For now, this behavior is kept to avoid breaking backwards compatibility when padding/encoding with `truncation is True`.
- Be aware that you SHOULD NOT rely on t5-small automatically truncating your input to 512 when padding/encoding.
- If you want to encode/pad to sequences longer than 512 you can either instantiate this tokenizer with `model_max_length` or pass `max_length` when encoding/padding.


In [4]:
input_ids = tokenizer(
    "translate English to French: The house in the woods is wonderful, can we buy it ?",
    return_tensors="pt",
    pad_to_multiple_of=8,
    padding=True,
).to("cuda")

In [5]:
with torch.inference_mode(), torch.autocast(dtype=torch.float16, cache_enabled=True, device_type="cuda"):
    for _ in range(10):
        output = model.generate(
            inputs=input_ids["input_ids"],
            min_length=22,
            max_length=22,
        )
    torch.cuda.synchronize()
    start = time.perf_counter()
    output = model.generate(
        inputs=input_ids["input_ids"],
        min_length=22,
        max_length=22,
    )
    torch.cuda.synchronize()
    latency_baseline = time.perf_counter() - start
    print(latency_baseline)
    print(tokenizer.decode(output[0], skip_special_tokens=True, clean_up_tokenization_spaces=True))

0.15397310256958008
La maison dans les bois est merveilleuse, pouvons-nous l'acheter? 


In [6]:
# share cuda pool between encoder/decoder
pool: (int, int) = torch.cuda.graph_pool_handle()

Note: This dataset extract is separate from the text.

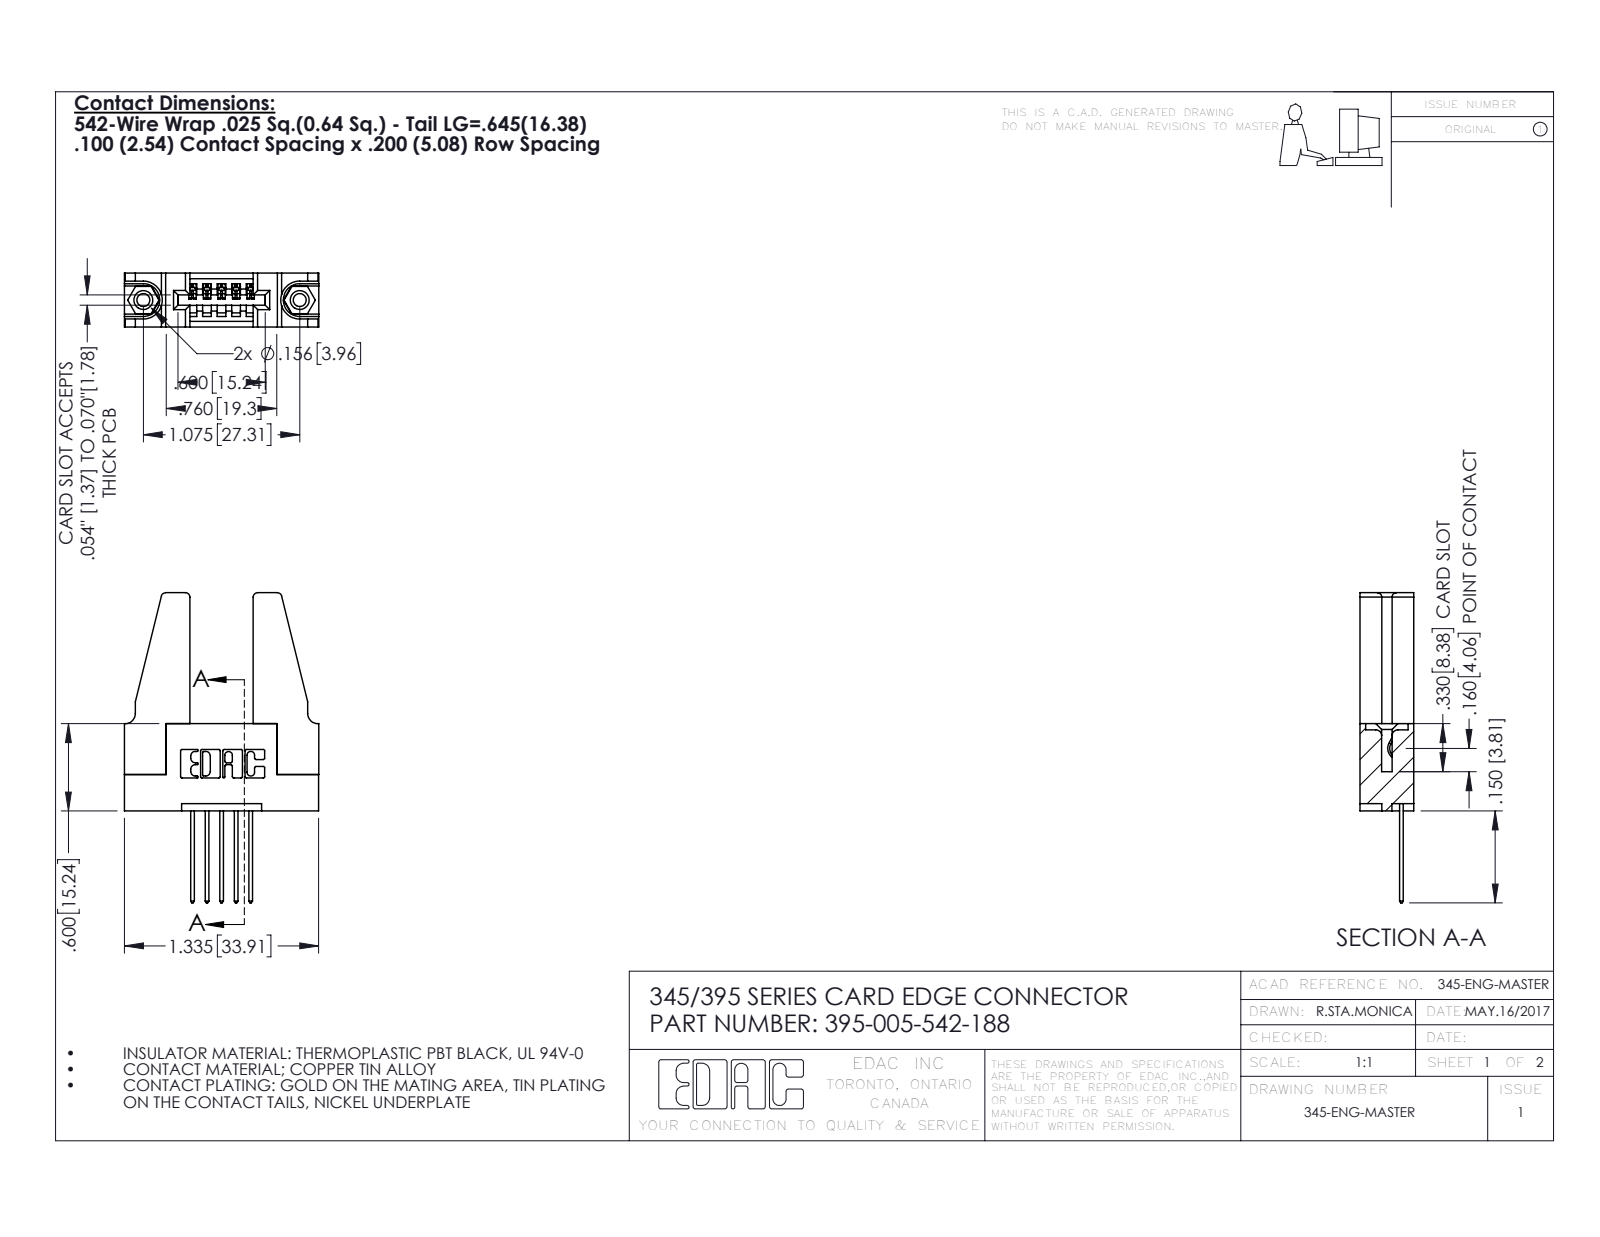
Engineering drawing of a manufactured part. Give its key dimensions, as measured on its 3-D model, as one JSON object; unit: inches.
{"part_name": "345-220-078_345-220-088; 395-005-542-188; 345-292-001_345-293-142; 345-250-001_345-250-001-102 (+1 more)", "step_written_by": "SolidWorks 2016 (CONFIG_CONTROL_DESIGN)", "units": "inches", "bodies": {"solids": 10, "faces": 540, "planar": 352, "cylindrical": 172, "other": 16}, "overall_size": [2.132, 1.336, 0.37], "volume_in3": 0.377, "surface_area_in2": 10.22, "round_holes": [[0.089, 2], [0.125, 2], [0.156, 2], [0.064, 1]], "round_bosses_or_shafts": [[0.155, 2]], "partial_cylinders_radius": [[0.01, 22], [0.006, 10], [0.01, 10], [0.03, 8], [0.007, 6], [0.031, 6], [0.026, 3], [0.031, 2]], "face_to_face_distances": [0.37, 0.2, 0.072, 0.298, 0.598, 0.25, 0.148, 0.15, 0.35, 0.098], "hole_center_spacings": [0.27, 0.847, 1.075]}

run_encoder = optimize_model(model.encoder, pool=pool)
run_decoder = optimize_model(model.decoder, pool=pool)

In [7]:
model.encoder.forward = run_encoder
model.decoder.forward = run_decoder

In [8]:
# warmup (IRL, encoder and decoder should be warmed each on their own)
with torch.inference_mode(), torch.autocast(dtype=torch.float16, cache_enabled=True, device_type="cuda"):
    start = time.perf_counter()
    model.generate(inputs=input_ids["input_ids"], min_length=22, max_length=22)
    print(time.perf_counter() - start)

102.2951226234436


In [9]:
with torch.inference_mode(), torch.autocast(dtype=torch.float16, cache_enabled=True, device_type="cuda"):
    for _ in range(10):
        model.generate(
            inputs=input_ids["input_ids"],
            min_length=22,
            max_length=22,
        )
    torch.cuda.synchronize()
    start = time.perf_counter()
    output = model.generate(
        inputs=input_ids["input_ids"],
        min_length=22,
        max_length=22,
    )
    torch.cuda.synchronize()
    latency_optimized = time.perf_counter() - start
    print(latency_optimized)
    print(f"{latency_baseline/latency_optimized:.1f}x speedup")
    print(tokenizer.decode(output[0], skip_special_tokens=True, clean_up_tokenization_spaces=True))

0.023325681686401367
6.6x speedup
La maison dans les bois est merveilleuse, pouvons-nous l'acheter?